Endocrine Abstracts

Introduction: Immunotherapy has transformed the outcomes of various cancers. Monoclonal antibodies against cytotoxic T lymphocyte antigen 4 (CTLA4), programmed cell death 1 (PD1) and its ligand, PDL1 target mainly T cells, unleashing the immune system against tumour cells. Immune checkpoint inhibitor therapy results in a variety of immune related adverse events, including various endocrinopathies. Thyroid disorders, pituitary disorders are relatively more common compared to primary adrenal insufficiency and diabetes mellitus. Immune therapy related primary adrenal insufficiency is rare and can present acutely. Its incidence ranges from 1 to 2 % with monotherapy to 5 to 8 % with combination regimens. Presenting symptoms are usually like secondary adrenal insufficiency or can be completely nonspecific. We present a rare case of primary adrenal insufficiency caused by combination immunotherapy.
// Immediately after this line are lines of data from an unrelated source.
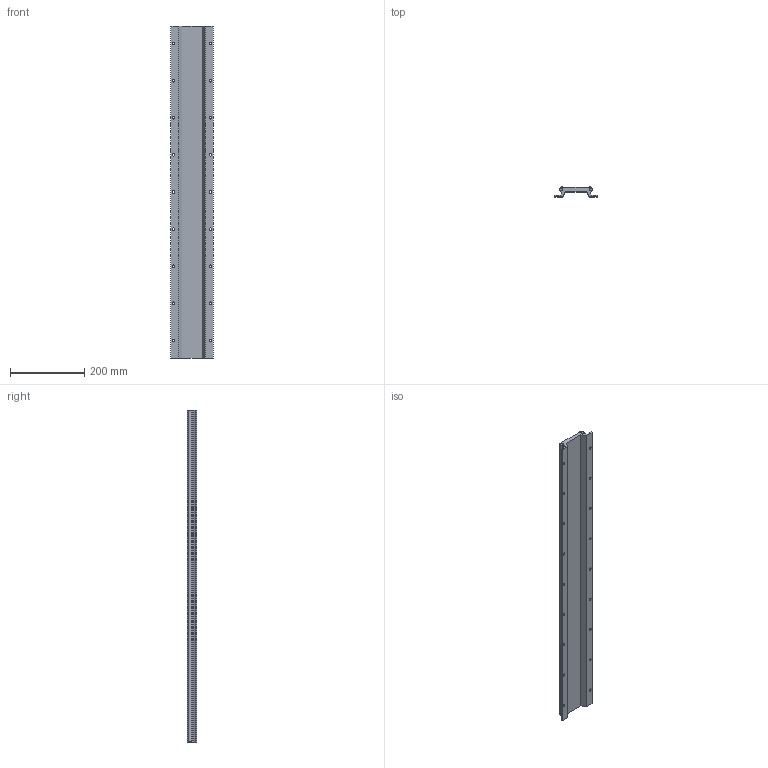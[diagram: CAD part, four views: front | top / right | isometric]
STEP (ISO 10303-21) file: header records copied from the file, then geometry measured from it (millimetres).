
FILE_DESCRIPTION (( 'STEP AP203' ), '1' );
FILE_NAME ('MLF 3_-_MLF 3 896 mm lang.step', '2005-06-03T09:57:32', ( ' ' ), ( ' ' ), 'SwSTEP 2.0', 'SolidWorks 2004231', '' );
FILE_SCHEMA (( 'CONFIG_CONTROL_DESIGN' ));
Length unit declared in the file: millimetre
Products named in the file (1): MLF 3_-_MLF 3  896 mm lang
Bounding box: 115 x 25.5 x 896 mm (x, y, z)
Volume: 1163127.8 mm3; surface area: 317376.6 mm2
Topology: 1 solids, 1 shells, 152 faces, 516 edges, 340 vertices
Faces by surface type: plane 96, cylinder 56
Entity records: 5777 total; most frequent: CARTESIAN_POINT 1225, ORIENTED_EDGE 1032, DIRECTION 898, EDGE_CURVE 516, VERTEX_POINT 340, AXIS2_PLACEMENT_3D 301, VECTOR 296, LINE 296
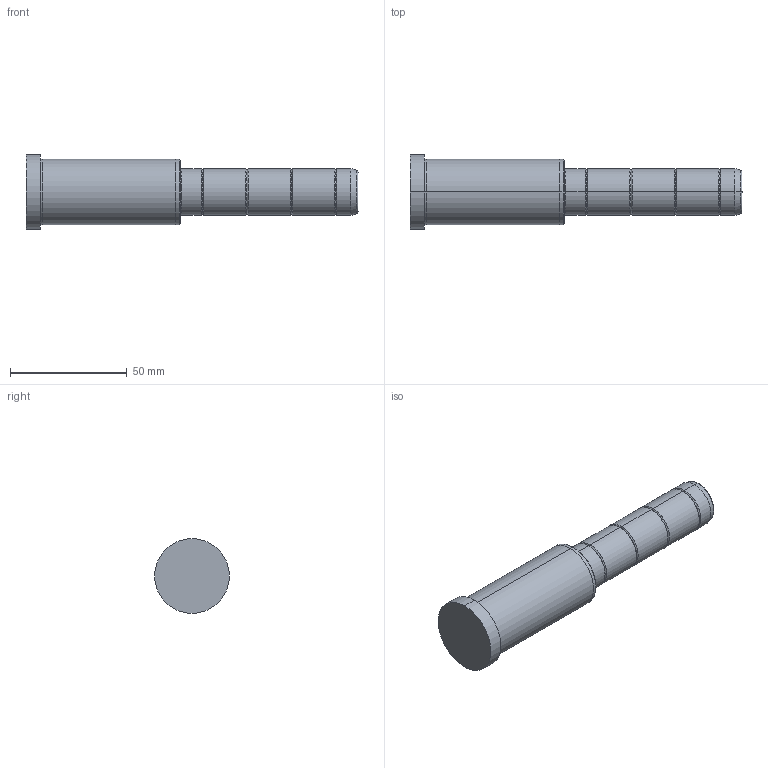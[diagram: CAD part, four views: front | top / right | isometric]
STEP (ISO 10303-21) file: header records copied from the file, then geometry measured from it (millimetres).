
FILE_DESCRIPTION( ( 'STEP AP203' ), '1' );
FILE_NAME( 'C:/Projects/D02 - 20x66x76.step', '2003-01-04T13:52:21', ( ' ' ), ( ' ' ), 'XStep 1.0', ' ', ' ' );
FILE_SCHEMA( ( 'CONFIG_CONTROL_DESIGN' ) );
Length unit declared in the file: metre
Products named in the file (1): 1
Bounding box: 142 x 32 x 32 mm (x, y, z)
Volume: 65512.7 mm3; surface area: 12298.6 mm2
Topology: 1 solids, 1 shells, 48 faces, 94 edges, 52 vertices
Faces by surface type: bspline 26, revolution 22
Entity records: 1523 total; most frequent: CARTESIAN_POINT 617, ORIENTED_EDGE 188, DIRECTION 150, EDGE_CURVE 94, AXIS2_PLACEMENT_3D 53, EDGE_LOOP 52, VERTEX_POINT 52, CIRCLE 52
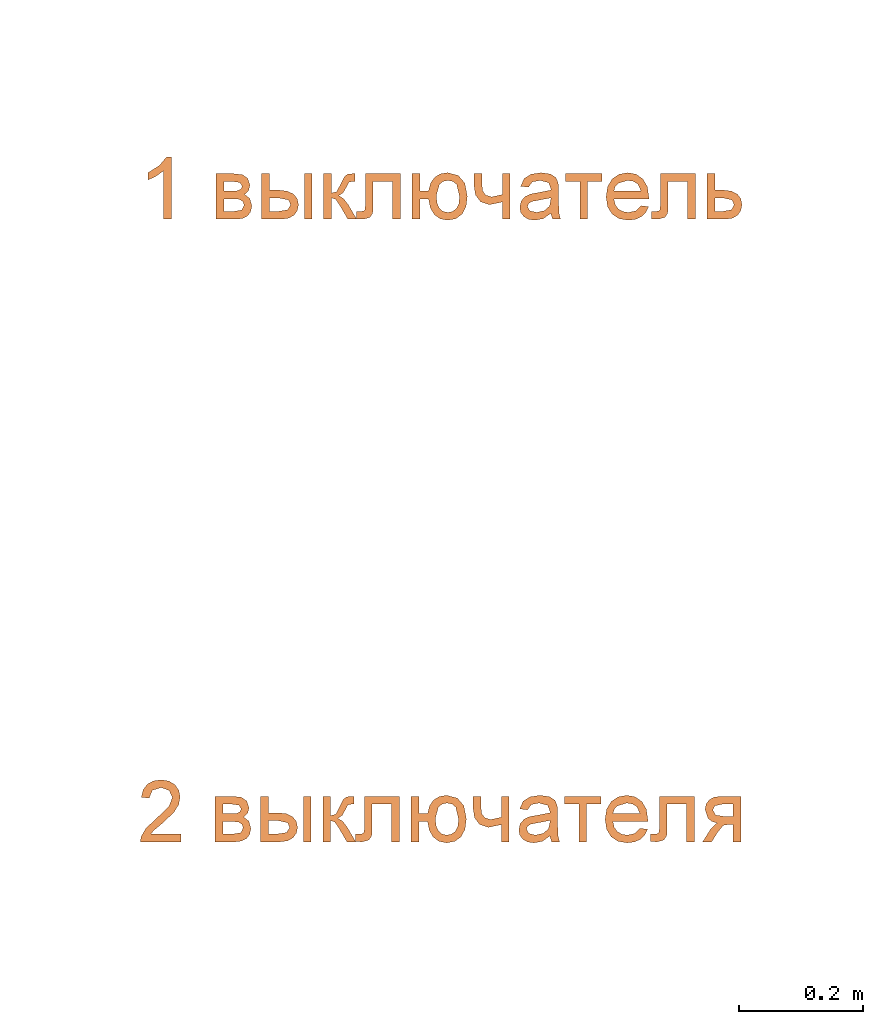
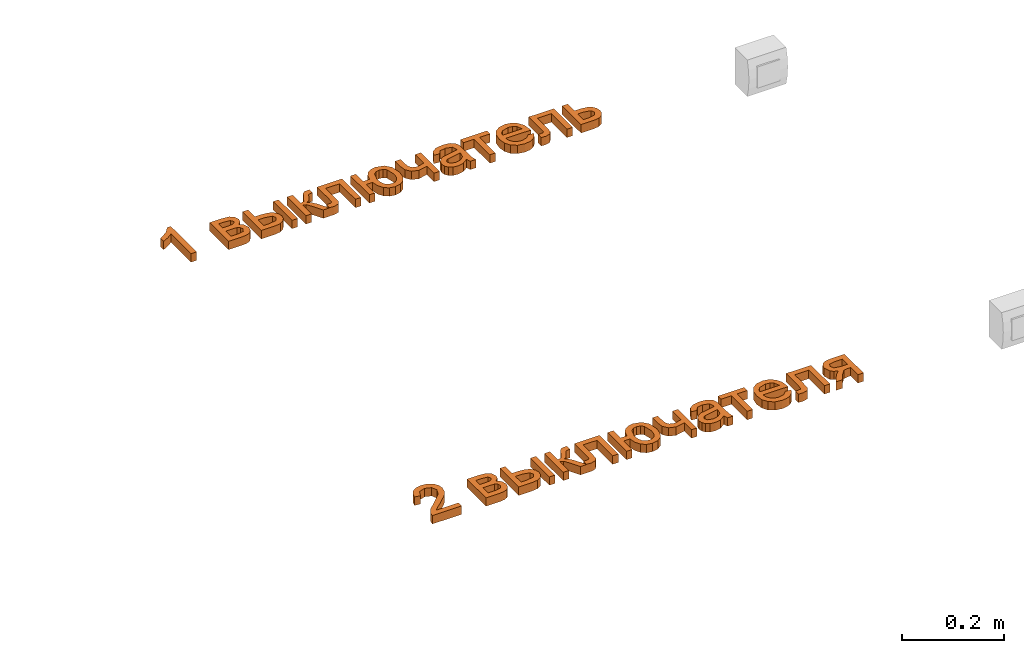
# One storey, part 62 of 87: 2 proxies.
"""IFC2X3 building model written with IfcOpenShell, lengths in millimetres."""

from ifc_helpers import new_model, entity, si_unit, converted_unit, derived_unit, direction, frame, frame_2d, origin, place, context, subcontext, project, spatial, polyline, rectangle, outline, extrude, element, save


model = new_model("IFC2X3")

# Units and contexts
model_context = context("Model", 3, precision=0.01, world=origin(), true_north=direction((6.12303176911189e-17, 1.0)))
body_context = subcontext(model_context, "Body", "Model", "MODEL_VIEW")
ifc_project = project(units=[si_unit("LENGTHUNIT", "METRE", prefix="MILLI"), si_unit("AREAUNIT", "SQUARE_METRE"), si_unit("VOLUMEUNIT", "CUBIC_METRE"), converted_unit("PLANEANGLEUNIT", "DEGREE", entity("IfcRatioMeasure", 0.0174532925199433), si_unit("PLANEANGLEUNIT", "RADIAN"), dimensions=[0, 0, 0, 0, 0, 0, 0]), si_unit("MASSUNIT", "GRAM", prefix="KILO"), derived_unit("MASSDENSITYUNIT", [(si_unit("MASSUNIT", "GRAM", prefix="KILO"), 1), (si_unit("LENGTHUNIT", "METRE"), -3)]), si_unit("TIMEUNIT", "SECOND"), si_unit("FREQUENCYUNIT", "HERTZ"), si_unit("THERMODYNAMICTEMPERATUREUNIT", "DEGREE_CELSIUS"), derived_unit("THERMALTRANSMITTANCEUNIT", [(si_unit("MASSUNIT", "GRAM", prefix="KILO"), 1), (si_unit("THERMODYNAMICTEMPERATUREUNIT", "KELVIN"), -1), (si_unit("TIMEUNIT", "SECOND"), -3)]), derived_unit("VOLUMETRICFLOWRATEUNIT", [(si_unit("LENGTHUNIT", "METRE"), 3), (si_unit("TIMEUNIT", "SECOND"), -1)]), si_unit("ELECTRICCURRENTUNIT", "AMPERE"), si_unit("ELECTRICVOLTAGEUNIT", "VOLT"), si_unit("POWERUNIT", "WATT"), si_unit("FORCEUNIT", "NEWTON", prefix="KILO"), si_unit("ILLUMINANCEUNIT", "LUX"), si_unit("LUMINOUSFLUXUNIT", "LUMEN"), si_unit("LUMINOUSINTENSITYUNIT", "CANDELA"), derived_unit("USERDEFINED", [(si_unit("MASSUNIT", "GRAM", prefix="KILO"), -1), (si_unit("LENGTHUNIT", "METRE"), -2), (si_unit("TIMEUNIT", "SECOND"), 3), (si_unit("LUMINOUSFLUXUNIT", "LUMEN"), 1)]), derived_unit("LINEARVELOCITYUNIT", [(si_unit("LENGTHUNIT", "METRE"), 1), (si_unit("TIMEUNIT", "SECOND"), -1)]), si_unit("PRESSUREUNIT", "PASCAL"), derived_unit("USERDEFINED", [(si_unit("LENGTHUNIT", "METRE"), -2), (si_unit("MASSUNIT", "GRAM", prefix="KILO"), 1), (si_unit("TIMEUNIT", "SECOND"), -2)])], contexts=[model_context])

# Site, building, storey
site_placement = place(None, origin())
site = spatial("IfcSite", under=ifc_project, at=site_placement, Name="Default", CompositionType="ELEMENT")
building_placement = place(site_placement, origin())
building = spatial("IfcBuilding", under=site, at=building_placement, Name="Наименование здания", CompositionType="ELEMENT")
storey_placement = place(building_placement, origin())
storey = spatial("IfcBuildingStorey", under=building, at=storey_placement, Name="Этаж 01", CompositionType="ELEMENT", Elevation=0.0)

# Proxies
proxy_1_placement = place(storey_placement, origin())
element("IfcBuildingElementProxy", 1, at=proxy_1_placement, inside=storey, Name="Текст модели:100 мм Arial", ObjectType="Текст модели:100 мм Arial", context=body_context, shape_type="SweptSolid", body=[
    extrude(outline(polyline([(-63.8793021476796, -16.918484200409), (36.5770080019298, -16.918484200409), (36.5770080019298, -8.825080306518), (23.2106288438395, 2.34626961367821), (11.4629304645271, 20.7526321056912), (-0.407395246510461, 20.7526321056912), (5.93243780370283, 7.53340574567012), (14.4059864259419, -4.36144543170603), (-63.8793021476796, -4.36144543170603), (-63.8793021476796, -16.918484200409)])), frame((58426.7497074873, -3683.26428571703, 0.0), z_axis=(0.0, 0.0, 1.0), x_axis=(0.0, 1.0, 0.0)), (0.0, 0.0, 1.0), 20.0),
    extrude(outline(polyline([(-37.9619182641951, -40.7346098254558), (35.8106845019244, -40.7346098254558), (35.8106845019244, -8.82697811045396), (34.4801779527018, 2.14816807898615), (30.4886583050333, 10.1557328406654), (23.7502864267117, 15.214110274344), (14.1792231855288, 17.3416944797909), (2.34568567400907, 13.9817055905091), (-4.4601312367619, 5.54494516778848), (-10.6773369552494, 12.0441937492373), (-19.3961402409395, 14.2024347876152), (-30.1260317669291, 10.633979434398), (-36.2819238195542, 2.09911714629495), (-37.9619182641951, -13.0698837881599), (-37.9619182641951, -40.7346098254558)]), holes=[polyline([(-9.70858103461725, -28.1775710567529), (-25.4048794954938, -28.1775710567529), (-25.4048794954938, -15.3752776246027), (-23.6635713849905, -2.2051021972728), (-17.5076793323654, 1.64539601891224), (-12.8968916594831, -0.54963321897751), (-10.3462431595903, -5.52830288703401), (-9.70858103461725, -15.7676850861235), (-9.70858103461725, -28.1775710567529)]), polyline([(23.2536457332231, -28.1775710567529), (2.84845773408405, -28.1775710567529), (2.84845773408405, -14.0018515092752), (3.58422172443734, -2.95312892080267), (7.10362614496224, 2.63867740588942), (13.1491535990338, 4.78465571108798), (20.9850400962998, 0.88510656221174), (23.2536457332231, -12.7755781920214), (23.2536457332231, -28.1775710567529)])]), frame((58556.6057744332, -3711.33290336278, 0.0), z_axis=(0.0, 0.0, 1.0), x_axis=(0.0, -1.0, 0.0)), (0.0, 0.0, 1.0), 20.0),
    extrude(outline(polyline([(-42.3988715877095, -34.5139341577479), (31.37373117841, -34.5139341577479), (31.37373117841, -3.73447389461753), (29.6538828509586, 9.31613988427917), (24.4943378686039, 18.2526066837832), (16.9129030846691, 23.4121516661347), (7.927385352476, 25.1319999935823), (-1.9410491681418, 23.0810578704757), (-9.42438208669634, 16.9282315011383), (-14.1424686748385, 6.98622058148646), (-15.7151642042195, -6.43227519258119), (-15.7151642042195, -21.956895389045), (-42.3988715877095, -21.956895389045), (-42.3988715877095, -34.5139341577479)]), holes=[polyline([(18.8166924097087, -21.956895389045), (-3.15812543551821, -21.956895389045), (-3.15812543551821, -7.41329384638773), (0.226388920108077, 8.88387853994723), (7.95191081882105, 12.5749612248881), (16.1802047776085, 7.59629155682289), (18.8166924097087, -9.05650009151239), (18.8166924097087, -21.956895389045)])]), frame((58624.1577015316, -3715.7698566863, 0.0), z_axis=(0.0, 0.0, 1.0), x_axis=(0.0, -1.0, 0.0)), (0.0, 0.0, 1.0), 20.0),
    extrude(outline(polyline([(-30.3295712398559, -29.5353037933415), (43.4430315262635, -29.5353037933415), (43.4430315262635, -16.9782650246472), (8.91117491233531, -16.9782650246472), (11.2288314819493, -10.2337617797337), (20.806026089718, -3.61188586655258), (43.4430315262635, 9.55828956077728), (43.4430315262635, 23.8321109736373), (20.3155167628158, 10.3921554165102), (10.0209522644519, 2.6175825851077), (5.13425309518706, -5.30414304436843), (0.756457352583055, 1.79597946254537), (-8.18307513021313, 6.86048826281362), (-16.4481572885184, 11.176970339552), (-17.7725324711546, 17.3083369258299), (-17.6989560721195, 20.6928512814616), (-30.3295712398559, 20.6928512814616), (-30.3295712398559, 18.2893555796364), (-29.3730780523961, 9.10456843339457), (-25.6819953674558, 4.05232236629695), (-14.3389671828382, -1.67437402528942), (-1.19331722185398, -8.56603006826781), (1.06302568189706, -16.9782650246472), (-30.3295712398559, -16.9782650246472), (-30.3295712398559, -29.5353037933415)])), frame((58719.6353813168, -3703.70055633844, 0.0), z_axis=(0.0, 0.0, 1.0), x_axis=(0.0, -1.0, 0.0)), (0.0, 0.0, 1.0), 20.0),
    extrude(outline(polyline([(-37.3770894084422, -42.2980684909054), (36.3955133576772, -42.2980684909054), (36.3955133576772, -29.7410297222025), (3.43328658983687, -29.7410297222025), (3.43328658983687, -15.614361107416), (17.8052098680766, -12.7908667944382), (28.7435678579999, -6.38052302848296), (35.6597493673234, 3.17521179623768), (37.9651432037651, 15.434879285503), (35.5064652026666, 28.5529380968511), (28.1304311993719, 38.6237077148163), (15.9903253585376, 45.0340514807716), (-0.760568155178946, 47.17083273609), (-22.0486729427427, 43.0382916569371), (-34.4462961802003, 32.541392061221), (-38.9467192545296, 15.1650991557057), (-37.0337328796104, 3.44499192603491), (-31.2947737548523, -5.86548823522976), (-21.9260456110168, -12.3555397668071), (-9.12375217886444, -15.614361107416), (-9.12375217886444, -29.7410297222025), (-37.3770894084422, -29.7410297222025), (-37.3770894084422, -42.2980684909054)]), holes=[polyline([(-26.3896804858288, 15.9744395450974), (-24.749539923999, 24.1598139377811), (-19.8291182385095, 29.9784808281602), (-0.147431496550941, 34.6137939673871), (11.4623111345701, 33.2740903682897), (19.3625769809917, 29.2549795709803), (23.8967225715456, 23.1389414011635), (25.4081044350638, 15.5084556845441), (23.7740952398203, 7.89942975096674), (18.8720676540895, 1.99492372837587), (10.4690297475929, -1.79426082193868), (-1.66801040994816, -3.05732233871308), (-19.8904319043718, 1.95813552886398), (-24.7648683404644, 7.9699404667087), (-26.3896804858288, 15.9744395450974)])]), frame((58875.2344620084, -3710.74807450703, 0.0), z_axis=(0.0, 0.0, 1.0), x_axis=(0.0, -1.0, 0.0)), (0.0, 0.0, 1.0), 20.0),
    extrude(outline(polyline([(-30.7618325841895, -26.3234895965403), (-10.4056955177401, -26.3234895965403), (3.94170229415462, -24.11619762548), (14.9658994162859, -15.7407508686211), (19.4663224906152, -1.50371765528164), (15.1498404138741, 19.1957759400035), (43.0107701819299, 19.1957759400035), (43.0107701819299, 31.7528147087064), (-30.7618325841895, 31.7528147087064), (-30.7618325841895, 19.1957759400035), (3.10783643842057, 19.1957759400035), (6.90928372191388, 1.85627123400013), (3.8436004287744, -7.85581343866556), (-3.34236121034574, -12.748643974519), (-16.6106385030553, -13.7664508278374), (-30.7618325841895, -13.7664508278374), (-30.7618325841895, -26.3234895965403)])), frame((58959.7161932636, -3704.13281768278, 0.0), z_axis=(0.0, 0.0, 1.0), x_axis=(0.0, -1.0, 0.0)), (0.0, 0.0, 1.0), 20.0),
    extrude(outline(polyline([(32.0508237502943, 7.88266535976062), (41.9780345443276, 7.88266535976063), (45.948918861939, 19.7953183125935), (35.1414436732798, 20.7608946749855), (14.2438893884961, 27.0545912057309), (-0.577126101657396, 31.9949297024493), (-11.1945882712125, 34.8877809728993), (-20.4974705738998, 33.9299602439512), (-28.5323068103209, 27.5470739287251), (-35.4619652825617, 13.8157249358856), (-38.3044049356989, -2.69989645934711), (-34.9462156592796, -15.3493345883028), (-25.030638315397, -24.3807697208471), (-19.5706723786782, -12.9644773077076), (-25.7868125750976, -4.50695904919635), (-24.0611841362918, 8.30922519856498), (-16.227994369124, 20.3304570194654), (-6.33956174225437, 20.679460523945), (-3.71040200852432, 19.7255176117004), (-6.50243004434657, -2.30048133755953), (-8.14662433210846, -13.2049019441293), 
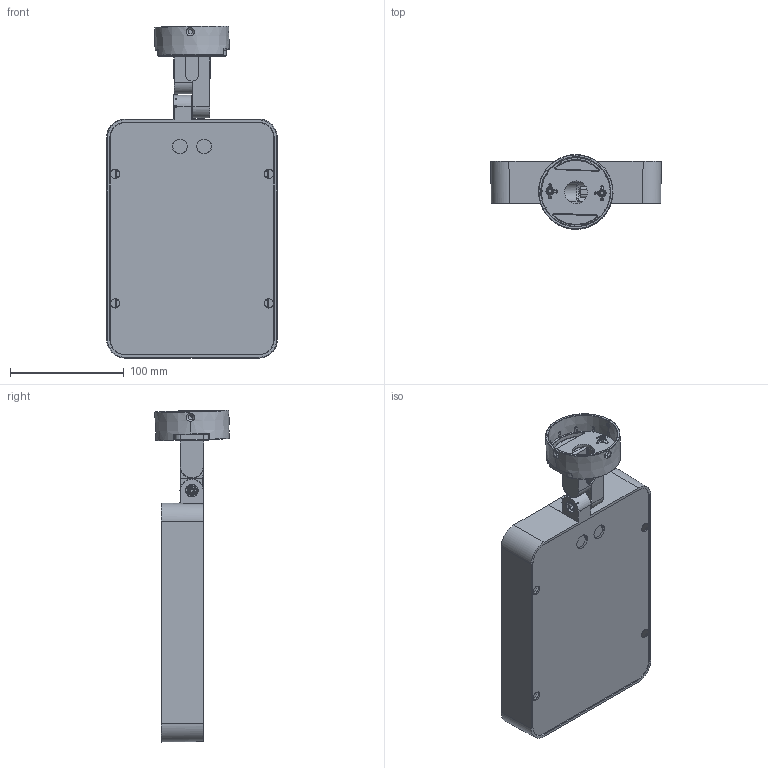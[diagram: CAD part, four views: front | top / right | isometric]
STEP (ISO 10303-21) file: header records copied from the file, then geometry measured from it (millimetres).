
FILE_DESCRIPTION((''),'2;1');
FILE_NAME('TAG210-COB-ASIMM-CITI_SW0004','2025-07-29T09:40:43',('Piccioli'),(''),'CREO PARAMETRIC BY PTC INC, 2025010','CREO PARAMETRIC BY PTC INC, 2025010','');
FILE_SCHEMA(('CONFIG_CONTROL_DESIGN'));
Products named in the file (1): TAG210-COB-ASIMM-CITI_SW0004
Bounding box: 150 x 65.78 x 291.92 mm (x, y, z)
Surface area: 233188.4 mm2 (no closed solid volume)
Topology: 0 solids, 85 shells, 666 faces, 3102 edges, 2466 vertices
Faces by surface type: plane 205, cylinder 150, cone 131, torus 100, bspline 79, sphere 1
Entity records: 48582 total; most frequent: CARTESIAN_POINT 25852, DIRECTION 4386, ORIENTED_EDGE 4064, EDGE_CURVE 3102, VERTEX_POINT 2466, AXIS2_PLACEMENT_3D 1574, VECTOR 1238, LINE 1238
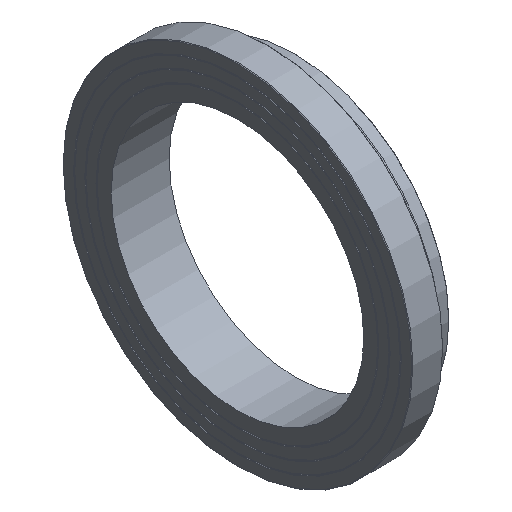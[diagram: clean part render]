
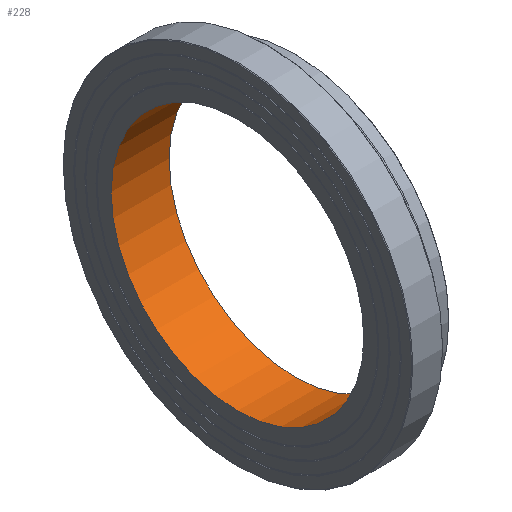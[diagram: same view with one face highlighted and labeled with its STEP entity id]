
A CAD part, isometric view. The second image highlights one B-rep face of the part: STEP entity #228.
In plain terms, the highlighted cylindrical face has radius 327.2 mm (diameter 654.4 mm), a full revolution.
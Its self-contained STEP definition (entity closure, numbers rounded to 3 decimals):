
#33=CYLINDRICAL_SURFACE('',#274,327.2);
#50=ORIENTED_EDGE('',*,*,#79,.F.);
#51=ORIENTED_EDGE('',*,*,#76,.T.);
#76=EDGE_CURVE('',#96,#96,#116,.T.);
#79=EDGE_CURVE('',#99,#99,#119,.T.);
#96=VERTEX_POINT('',#383);
#99=VERTEX_POINT('',#390);
#116=CIRCLE('',#257,327.2);
#119=CIRCLE('',#261,327.2);
#150=EDGE_LOOP('',(#50));
#151=EDGE_LOOP('',(#51));
#190=FACE_BOUND('',#150,.T.);
#191=FACE_BOUND('',#151,.T.);
#228=ADVANCED_FACE('',(#190,#191),#33,.F.);
#257=AXIS2_PLACEMENT_3D('',#382,#303,#304);
#261=AXIS2_PLACEMENT_3D('',#389,#311,#312);
#274=AXIS2_PLACEMENT_3D('',#410,#337,#338);
#303=DIRECTION('',(-1.,0.,0.));
#304=DIRECTION('',(0.,0.,1.));
#311=DIRECTION('',(-1.,0.,0.));
#312=DIRECTION('',(0.,0.,1.));
#337=DIRECTION('',(-1.,0.,0.));
#338=DIRECTION('',(0.,0.,1.));
#382=CARTESIAN_POINT('',(0.,0.,0.));
#383=CARTESIAN_POINT('',(0.,0.,327.2));
#389=CARTESIAN_POINT('',(150.,0.,0.));
#390=CARTESIAN_POINT('',(150.,0.,327.2));
#410=CARTESIAN_POINT('',(60.,0.,0.));

Case Presentation: A 72-year-old male with a history of hypertension, Type 2 Diabetes and Atrial fibrillation was treated with combination ipilimumab and nivolumab for metastatic melanoma. Following the second cycle, he developed immune-checkpoint inhibitor (ICPi) induced dermatitis which was treated with high dose glucocorticoids (which were subsequently weaned off) and ICPi treatment was held for 2 months. Following cycle 3, the patient developed acute kidney injury which improved with oral glucocorticoid but there was persistent hyperkalaemia which was disproportionate to the creatinine. The patient’s cortisol was unremarkable [444 nmol/l] and due to the ongoing hyperkalaemia, he was commenced on mycophenolate mofetil. He was also treated with sodium zirconium and sodium bicarbonate for the ongoing hyperkalaemia. As an investigative screen renin 19.5 nmol/l(0.3-2.2), aldosterone <50 pmol/l(0-630), sodium (130 mmol/l) and potassium (7.1 mmol/l) were in keeping with hyper-reninaemic hypoaldosteronism. His urea (10 mmol/l), creatinine (117 umol/l) were disproportionate to the electrolyte imbalance, but he maintained satisfactory random cortisol readings of 314 nmol/l. Treated with fludrocortisone which resulted in normalisation of the potassium. Two months later he had further screening bloods and his cortisol was undetectable. He was referred to endocrinology where hydrocortisone was added to his therapy. His ACTH was markedly raised at a value of 1009 ng/l (0-46) in keeping with ICPi-induced adrenalitis and Adrenal antibodies were negative. In retrospect, it was felt that his mineralocorticoid deficiency preceded the glucocorticoid deficiency by at least 2 months representing an earlier presentation of adrenalitis. Clinicians should be aware of the possibility of ICPi-induced adrenalitis in patients who present with refractory hyperkalaemia and hyponatraemia, even in the setting of a normal cortisol measurement.